Expression of two forms of carp gonadotropin alpha subunit in insect cells by recombinant baculovirus

There are two types of cDNA clones (designated alpha 1 and alpha 2) encoding the alpha subunit of carp gonadotropin. These two cDNAs are derived from different genes and encode proteins that differ by seven amino acid residues (three in the signal peptide and four in the mature polypeptide). Expression of these two cDNAs in insect cells by recombinant baculovirus revealed that the alpha 1 subunit, after noncovalent association with the beta subunit, has the same potency as the native alpha subunit purified from the pituitary. In contrast, the alpha 2 subunit can associate with the beta subunit, but only to form an inactive gonadotropin. Competition of the alpha 2 subunit with the alpha 1 subunit for association with the beta subunit decreases the gonadotropin activity of the alpha/beta complex. In addition, both alpha 1 and alpha 2 subunits are secreted into the culture medium by insect cells and have an apparent molecular mass approximately 5 kDa higher than that of the native alpha subunit. These results indicate that the insect cell-derived alpha 1 subunit is biologically active and that those four amino acid changes in the mature of alpha 2 protein affect the biological activity and thus provide valuable clues for the study of the structure-function relationship of the alpha subunit of glycoprotein hormones.

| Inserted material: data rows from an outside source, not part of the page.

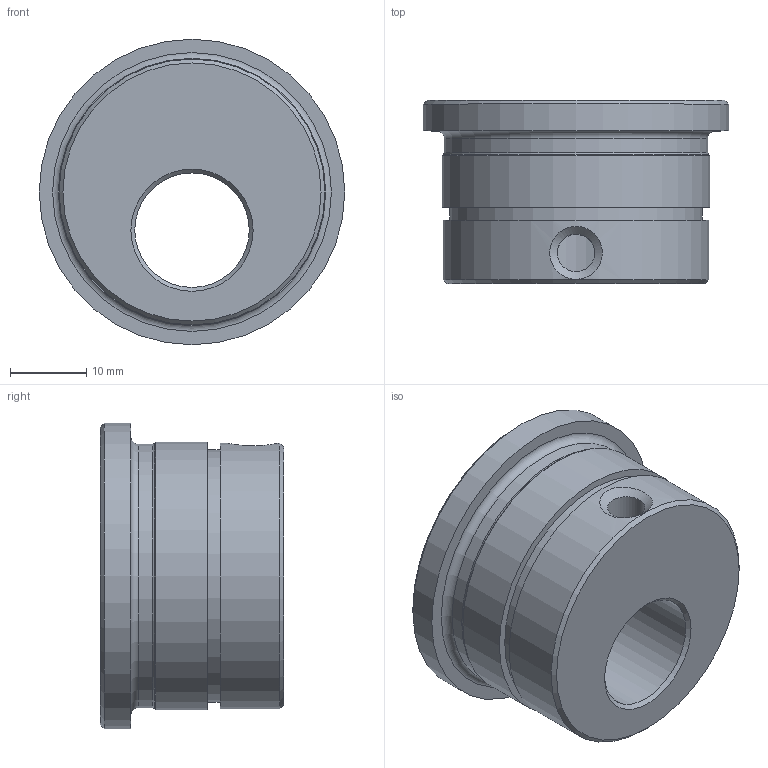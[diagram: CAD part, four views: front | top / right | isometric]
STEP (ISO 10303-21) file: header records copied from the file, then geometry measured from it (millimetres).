
FILE_DESCRIPTION(('STEP AP203'), '1');
FILE_NAME('眐珆1801.01.08.01.105 - 椻壚樇襝鴀', '', ('UNSPECIFIED'), ('UNSPECIFIED'), 'C3D Converter', 'C3D Toolkit', '');
FILE_SCHEMA(('CONFIG_CONTROL_DESIGN'));
Length unit declared in the file: millimetre
Products named in the file (1): ТППФ1801.01.08.01.105
Bounding box: 40 x 24 x 40 mm (x, y, z)
Volume: 19361 mm3; surface area: 6242.5 mm2
Topology: 1 solids, 1 shells, 20 faces, 36 edges, 21 vertices
Faces by surface type: cylinder 7, plane 5, cone 5, torus 2, bspline 1
Full cylindrical faces by diameter (mm): 4.917 x1, 15 x1, 33 x1, 34.5 x1, 34.8 x1, 35 x1, 40 x1
Entity records: 959 total; most frequent: CARTESIAN_POINT 414, DIRECTION 76, EDGE_LOOP 42, ORIENTED_EDGE 42, AXIS2_PLACEMENT_3D 38, FACE_OUTER_BOUND 30, COLOUR_RGB 21, FILL_AREA_STYLE_COLOUR 21
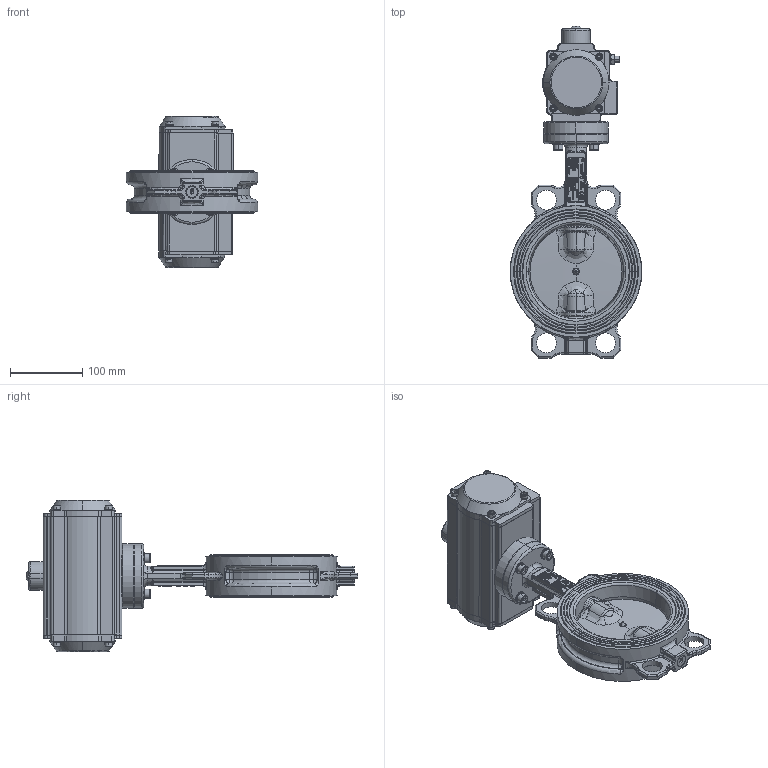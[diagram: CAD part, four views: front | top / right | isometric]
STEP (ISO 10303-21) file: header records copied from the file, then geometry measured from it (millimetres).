
FILE_DESCRIPTION (( 'STEP AP203' ), '1' );
FILE_NAME ('VPN-03 DN125.STEP', '2014-06-20T08:21:55', ( 'FAREX' ), ( '' ), 'SwSTEP 2.0', 'SolidWorks 2011', '' );
FILE_SCHEMA (( 'CONFIG_CONTROL_DESIGN' ));
Products named in the file (1): VPN-03 DN125
Bounding box: 182.5 x 460.62 x 210.28 mm (x, y, z)
Volume: 1980432.1 mm3; surface area: 557967.4 mm2
Topology: 68 solids, 68 shells, 5084 faces, 12970 edges, 8402 vertices
Faces by surface type: plane 2239, bspline 1488, cylinder 841, cone 279, torus 223, sphere 14
Entity records: 230408 total; most frequent: CARTESIAN_POINT 117467, ORIENTED_EDGE 25828, DIRECTION 18792, EDGE_CURVE 12914, VERTEX_POINT 8400, LINE 6798, VECTOR 6798, AXIS2_PLACEMENT_3D 5997
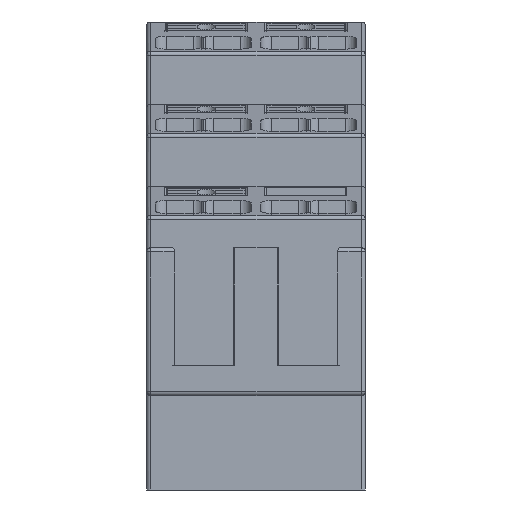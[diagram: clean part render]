
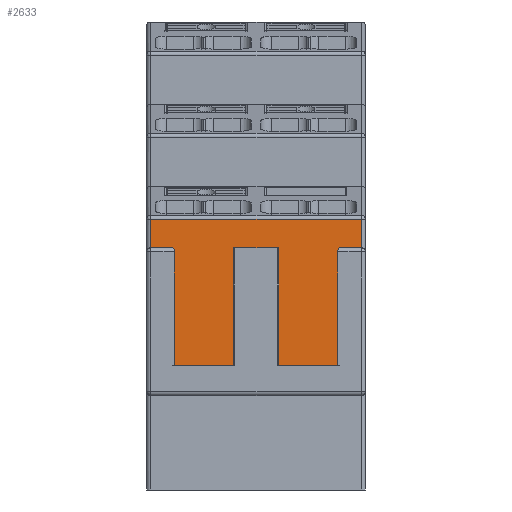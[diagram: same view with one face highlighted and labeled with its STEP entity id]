
A CAD part, left-side view. The second image highlights one B-rep face of the part: STEP entity #2633.
In plain terms, the highlighted planar face has unit normal (-1, 0, 0).
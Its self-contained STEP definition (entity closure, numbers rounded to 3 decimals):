
#2633=ADVANCED_FACE('',(#6224),#4635,.F.);
#4635=PLANE('',#41403);
#6224=FACE_OUTER_BOUND('',#8258,.T.);
#8258=EDGE_LOOP('',(#15008,#15009,#15010,#15011,#15012,#15013,#15014,#15015,
#15016,#15017,#15018,#15019));
#15008=ORIENTED_EDGE('',*,*,#27871,.T.);
#15009=ORIENTED_EDGE('',*,*,#27872,.T.);
#15010=ORIENTED_EDGE('',*,*,#27873,.T.);
#15011=ORIENTED_EDGE('',*,*,#27874,.T.);
#15012=ORIENTED_EDGE('',*,*,#27875,.F.);
#15013=ORIENTED_EDGE('',*,*,#27876,.F.);
#15014=ORIENTED_EDGE('',*,*,#27877,.T.);
#15015=ORIENTED_EDGE('',*,*,#27878,.T.);
#15016=ORIENTED_EDGE('',*,*,#27879,.F.);
#15017=ORIENTED_EDGE('',*,*,#27880,.F.);
#15018=ORIENTED_EDGE('',*,*,#27881,.T.);
#15019=ORIENTED_EDGE('',*,*,#27882,.T.);
#23222=VERTEX_POINT('',#60167);
#23223=VERTEX_POINT('',#60168);
#23224=VERTEX_POINT('',#60170);
#23225=VERTEX_POINT('',#60172);
#23226=VERTEX_POINT('',#60174);
#23227=VERTEX_POINT('',#60176);
#23228=VERTEX_POINT('',#60178);
#23229=VERTEX_POINT('',#60180);
#23230=VERTEX_POINT('',#60182);
#23231=VERTEX_POINT('',#60184);
#23232=VERTEX_POINT('',#60186);
#23233=VERTEX_POINT('',#60188);
#27871=EDGE_CURVE('',#23222,#23223,#33446,.T.);
#27872=EDGE_CURVE('',#23223,#23224,#33447,.T.);
#27873=EDGE_CURVE('',#23224,#23225,#33448,.T.);
#27874=EDGE_CURVE('',#23225,#23226,#33449,.T.);
#27875=EDGE_CURVE('',#23227,#23226,#33450,.T.);
#27876=EDGE_CURVE('',#23228,#23227,#33451,.T.);
#27877=EDGE_CURVE('',#23228,#23229,#33452,.T.);
#27878=EDGE_CURVE('',#23229,#23230,#33453,.T.);
#27879=EDGE_CURVE('',#23231,#23230,#33454,.T.);
#27880=EDGE_CURVE('',#23232,#23231,#33455,.T.);
#27881=EDGE_CURVE('',#23232,#23233,#33456,.T.);
#27882=EDGE_CURVE('',#23233,#23222,#33457,.T.);
#33446=LINE('',#60166,#38315);
#33447=LINE('',#60169,#38316);
#33448=LINE('',#60171,#38317);
#33449=LINE('',#60173,#38318);
#33450=LINE('',#60175,#38319);
#33451=LINE('',#60177,#38320);
#33452=LINE('',#60179,#38321);
#33453=LINE('',#60181,#38322);
#33454=LINE('',#60183,#38323);
#33455=LINE('',#60185,#38324);
#33456=LINE('',#60187,#38325);
#33457=LINE('',#60189,#38326);
#38315=VECTOR('',#48057,1.);
#38316=VECTOR('',#48058,1.);
#38317=VECTOR('',#48059,1.);
#38318=VECTOR('',#48060,1.);
#38319=VECTOR('',#48061,1.);
#38320=VECTOR('',#48062,1.);
#38321=VECTOR('',#48063,1.);
#38322=VECTOR('',#48064,1.);
#38323=VECTOR('',#48065,1.);
#38324=VECTOR('',#48066,1.);
#38325=VECTOR('',#48067,1.);
#38326=VECTOR('',#48068,1.);
#41403=AXIS2_PLACEMENT_3D('',#60190,#48069,#48070);
#48057=DIRECTION('',(0.,1.,0.));
#48058=DIRECTION('',(0.,0.,-1.));
#48059=DIRECTION('',(0.,-1.,0.));
#48060=DIRECTION('',(0.,0.,-1.));
#48061=DIRECTION('',(0.,1.,0.));
#48062=DIRECTION('',(0.,0.,-1.));
#48063=DIRECTION('',(0.,-1.,0.));
#48064=DIRECTION('',(0.,0.,-1.));
#48065=DIRECTION('',(0.,1.,0.));
#48066=DIRECTION('',(0.,0.,-1.));
#48067=DIRECTION('',(0.,-1.,0.));
#48068=DIRECTION('',(0.,0.,1.));
#48069=DIRECTION('',(1.,0.,0.));
#48070=DIRECTION('',(0.,0.,-1.));
#60166=CARTESIAN_POINT('',(-45.7,-205.,20.073));
#60167=CARTESIAN_POINT('',(-45.7,-220.7,20.073));
#60168=CARTESIAN_POINT('',(-45.7,-205.3,20.073));
#60169=CARTESIAN_POINT('',(-45.7,-205.3,20.));
#60170=CARTESIAN_POINT('',(-45.7,-205.3,18.));
#60171=CARTESIAN_POINT('',(-45.7,-235.8,18.));
#60172=CARTESIAN_POINT('',(-45.7,-206.49,18.));
#60173=CARTESIAN_POINT('',(-45.7,-206.49,15.75));
#60174=CARTESIAN_POINT('',(-45.7,-206.49,9.4));
#60175=CARTESIAN_POINT('',(-45.7,-208.,9.4));
#60176=CARTESIAN_POINT('',(-45.7,-211.958,9.4));
#60177=CARTESIAN_POINT('',(-45.7,-211.958,20.));
#60178=CARTESIAN_POINT('',(-45.7,-211.958,18.));
#60179=CARTESIAN_POINT('',(-45.7,-221.,18.));
#60180=CARTESIAN_POINT('',(-45.7,-214.042,18.));
#60181=CARTESIAN_POINT('',(-45.7,-214.042,41.198));
#60182=CARTESIAN_POINT('',(-45.7,-214.042,9.4));
#60183=CARTESIAN_POINT('',(-45.7,-208.,9.4));
#60184=CARTESIAN_POINT('',(-45.7,-219.51,9.4));
#60185=CARTESIAN_POINT('',(-45.7,-219.51,20.));
#60186=CARTESIAN_POINT('',(-45.7,-219.51,18.));
#60187=CARTESIAN_POINT('',(-45.7,-221.,18.));
#60188=CARTESIAN_POINT('',(-45.7,-220.7,18.));
#60189=CARTESIAN_POINT('',(-45.7,-220.7,20.314));
#60190=CARTESIAN_POINT('',(-45.7,-221.,20.));
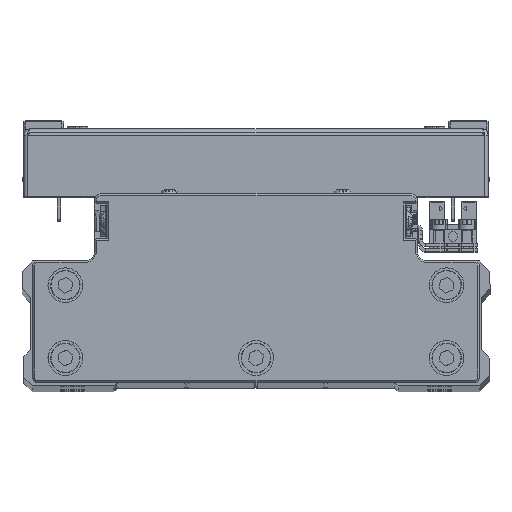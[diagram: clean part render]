
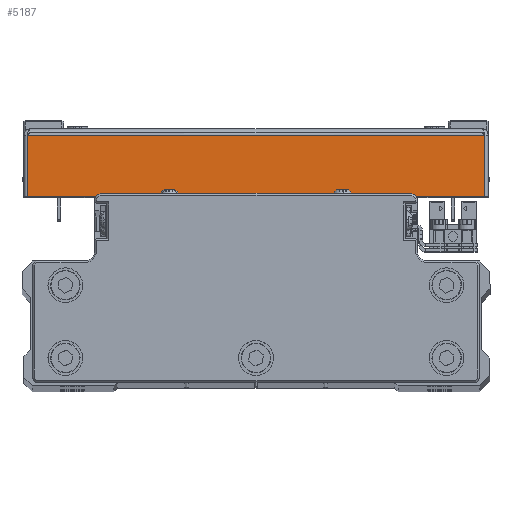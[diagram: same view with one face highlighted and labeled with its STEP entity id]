
A CAD part, top view. The second image highlights one B-rep face of the part: STEP entity #5187.
In plain terms, the highlighted planar face has unit normal (0, 0, 1) as drawn and (1, 0, 0) by its records, which use the part's own axes.
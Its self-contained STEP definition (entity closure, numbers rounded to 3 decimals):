
#873 = VECTOR ( 'NONE', #10529, 1000. ) ;
#1098 = LINE ( 'NONE', #14918, #14286 ) ;
#1479 = CARTESIAN_POINT ( 'NONE',  ( 100., 0., 0. ) ) ;
#2929 = VERTEX_POINT ( 'NONE', #34421 ) ;
#4338 = DIRECTION ( 'NONE',  ( 0., 1., 0. ) ) ;
#5177 = CARTESIAN_POINT ( 'NONE',  ( 100., 1., 65.929 ) ) ;
#5187 = ADVANCED_FACE ( 'NONE', ( #18713 ), #32550, .F. ) ;
#5804 = VERTEX_POINT ( 'NONE', #5177 ) ;
#6696 = EDGE_LOOP ( 'NONE', ( #36386, #36308, #36983, #35211 ) ) ;
#9151 = VERTEX_POINT ( 'NONE', #30373 ) ;
#10403 = CARTESIAN_POINT ( 'NONE',  ( 100., 1., 67. ) ) ;
#10529 = DIRECTION ( 'NONE',  ( 0., 0., 1. ) ) ;
#11839 = VECTOR ( 'NONE', #24239, 1000. ) ;
#14286 = VECTOR ( 'NONE', #28749, 1000. ) ;
#14918 = CARTESIAN_POINT ( 'NONE',  ( 100., 0., -65.929 ) ) ;
#15242 = EDGE_CURVE ( 'NONE', #9151, #5804, #41456, .T. ) ;
#15306 = DIRECTION ( 'NONE',  ( -1., 0., 0. ) ) ;
#18713 = FACE_OUTER_BOUND ( 'NONE', #6696, .T. ) ;
#19980 = AXIS2_PLACEMENT_3D ( 'NONE', #1479, #15306, #29150 ) ;
#21565 = LINE ( 'NONE', #35392, #42066 ) ;
#22140 = EDGE_CURVE ( 'NONE', #2929, #40889, #27763, .T. ) ;
#24239 = DIRECTION ( 'NONE',  ( 0., 0., 1. ) ) ;
#27763 = LINE ( 'NONE', #41590, #873 ) ;
#28749 = DIRECTION ( 'NONE',  ( 0., 1., 0. ) ) ;
#29150 = DIRECTION ( 'NONE',  ( 0., -1., 0. ) ) ;
#30360 = EDGE_CURVE ( 'NONE', #5804, #40889, #21565, .T. ) ;
#30373 = CARTESIAN_POINT ( 'NONE',  ( 100., 1., -65.929 ) ) ;
#32550 = PLANE ( 'NONE',  #19980 ) ;
#33910 = EDGE_CURVE ( 'NONE', #9151, #2929, #1098, .T. ) ;
#34421 = CARTESIAN_POINT ( 'NONE',  ( 100., 18.5, -65.929 ) ) ;
#35211 = ORIENTED_EDGE ( 'NONE', *, *, #30360, .F. ) ;
#35392 = CARTESIAN_POINT ( 'NONE',  ( 100., 0., 65.929 ) ) ;
#36235 = CARTESIAN_POINT ( 'NONE',  ( 100., 18.5, 65.929 ) ) ;
#36308 = ORIENTED_EDGE ( 'NONE', *, *, #33910, .T. ) ;
#36386 = ORIENTED_EDGE ( 'NONE', *, *, #15242, .F. ) ;
#36983 = ORIENTED_EDGE ( 'NONE', *, *, #22140, .T. ) ;
#40889 = VERTEX_POINT ( 'NONE', #36235 ) ;
#41456 = LINE ( 'NONE', #10403, #11839 ) ;
#41590 = CARTESIAN_POINT ( 'NONE',  ( 100., 18.5, 0. ) ) ;
#42066 = VECTOR ( 'NONE', #4338, 1000. ) ;

Cloning and sequence analysis of the cDNA for the pituitary glycoprotein hormone alpha-subunit of the European eel

A cDNA library constructed using mRNAs isolated from pituitary glands of estradiol-treated eels was screened with a cDNA fragment for the rat glycoprotein hormone alpha-subunit. Three out of 10,000 cDNA clones were revealed and subcloned in pUC13 for characterization and sequencing. All three had the same nucleotide sequence except for a single, silent change in the coding sequence for one of them, and for the location of the poly(A) tail. Analysis of the deduced amino acid sequence strongly suggests that these cDNA clones encode the precursor for the eel common glycoprotein hormone alpha-subunit. This precursor would therefore consist of a 93 amino acid apoprotein preceded by a 24 amino acid long signal peptide. Alignment with glycoprotein hormone alpha-subunits from fish and mammals reveals high homology, ranging from 60 to 90%. Particularly, the ten cysteines and the two putative N-linked glycosylation sites were at the same position. Comparison between fish and mammals shows also that two regions are highly conserved, comprising about half of the protein length. This high conservation rate through evolution argues for the importance of these regions in the conservation of biological properties of the alpha-subunits. In contrast, other regions are highly variable and could be responsible for the immunological specificity. Northern blot analysis of pituitary RNA from control and estradiol-treated eels showed that estradiol treatment strongly increases the pituitary content of mRNA encoding the glycoprotein hormone alpha-subunit.